Blame the Guptas, but what really killed Afro Worldview?
As the news spread that Mzwanele Manyi’s network had met a sudden end, there were many theories ...
Who killed Afro Worldview?
This week, as the news spread that Mzwanele Manyi’s network had met a sudden end after being booted off DStv, leaving about 350 staff jobless, there were many theories.
Some suggested that the channel was always to struggle given its reputation as a peddler of Zupta propaganda.
Others, like Tony Yengeni, alleged foul play.
“I’ve said many times before …” Yengeni tweeted on Tuesday, “White Monopoly Capital is a dangerous enemy of our people … those blacks who are supporting this treachery have lost their souls”.Of course, a former supporter of Jacob Zuma accusing people of treachery and losing their souls is pretty rich, even by ANC standards.
Nonetheless, I have to admit that I can see why some people are feeling particularly bitter about the implosion of Manyi’s media empire.
After all, this ANN7 and its partially laundered replacement, Afro Worldview, were not South Africa’s first propaganda machines.
Just over 100 years ago, a little company called Nasionale Pers was founded in the Cape, dedicated to the promotion of Afrikaner nationalism. When that ideology mutated into the white supremacist policy of apartheid, Nasionale Pers (Naspers) goosestepped right alongside, pouring out pro-apartheid propaganda on an industrial scale, even using tax rands to found a whole newspaper, The Citizen, to disseminate the twisted thoughts coming out of the Union Buildings.
On Monday, as Manyi told staff that they were unemployed, Naspers’s share price rose 2%, adding a few million more to a company that is already the largest on the JSE by some margin and that has made some people astonishingly rich.To Manyi’s supporters it must seem incredibly unjust that the former cheerleaders of white supremacy should now be so rich and powerful that they can snuff out a pro-black business with the flick of a switch, and get even richer as they do it.
But of course two wrongs can’t make a right. Naspers should never have been given the time and leeway to legitimise its reputation and launder its blood money; but there is also no space in a democratic South Africa for Manyi's propaganda machine.
So what killed Afro Worldview?
Democracy.Naspers could grow into a giant because it was protected by a dark-tinted greenhouse of despotism and institutionalised corruption. Protected by the state from the ravages of a free market or the kind of investigative press that haunts modern SA, it had decades to establish itself and plan its transition into respectability, finally issuing a curt apology and getting on with getting loaded.

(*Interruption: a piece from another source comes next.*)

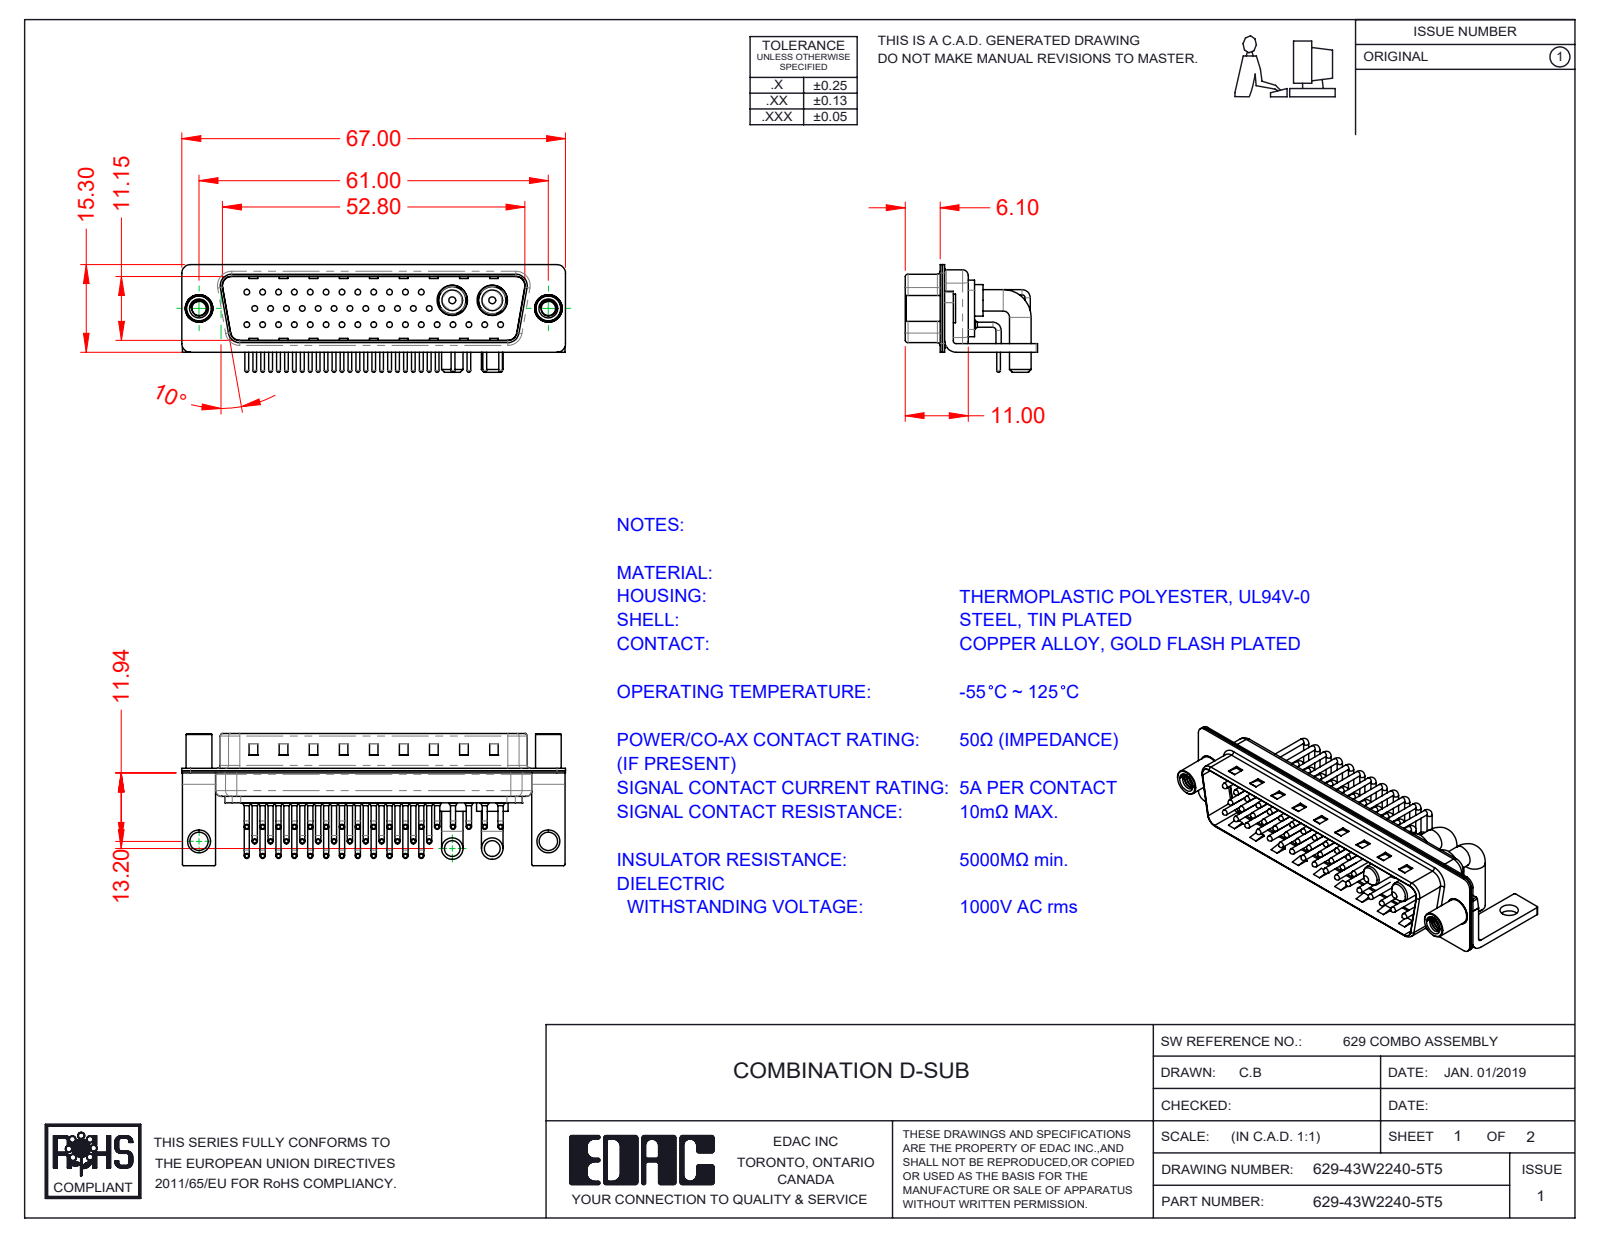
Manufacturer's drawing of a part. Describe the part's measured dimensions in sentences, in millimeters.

Manyi’s game plan was solid. The Naspers model works. And, for a few years at least, it was on track. ANN7 was starting to bud, sending out shoots just as Naspers had in the 1960s. But the Gupta Leaks and Zuma’s resignation shattered all those dirty greenhouse windows. Exposed to the intense light of a free press and judiciary, the little plant began to wither.How different it might have been. If Nkosazana Dlamini-Zuma had won at Nasrec, Manyi would now be settling in for a 30-year-run as the head of Africa’s largest propaganda network, eventually passing it to successors to launder into a legitimate telecoms giant.
Well, if there were still an economy to support such a thing.
Because, of course, if Dlamini-Zuma had won, ushering in a potentially endless Zuma administration, the retrenchment of 350 workers from a television station would be almost invisible against the coming economic wasteland.
By all means, feel sympathy towards people who worked for him. But let’s be very clear: by backing Zuma, Manyi and his newsroom were backing the devastation of this country.
I hope his honest former employees find work soon. But if you miss Afro Worldview, you’re missing plenty.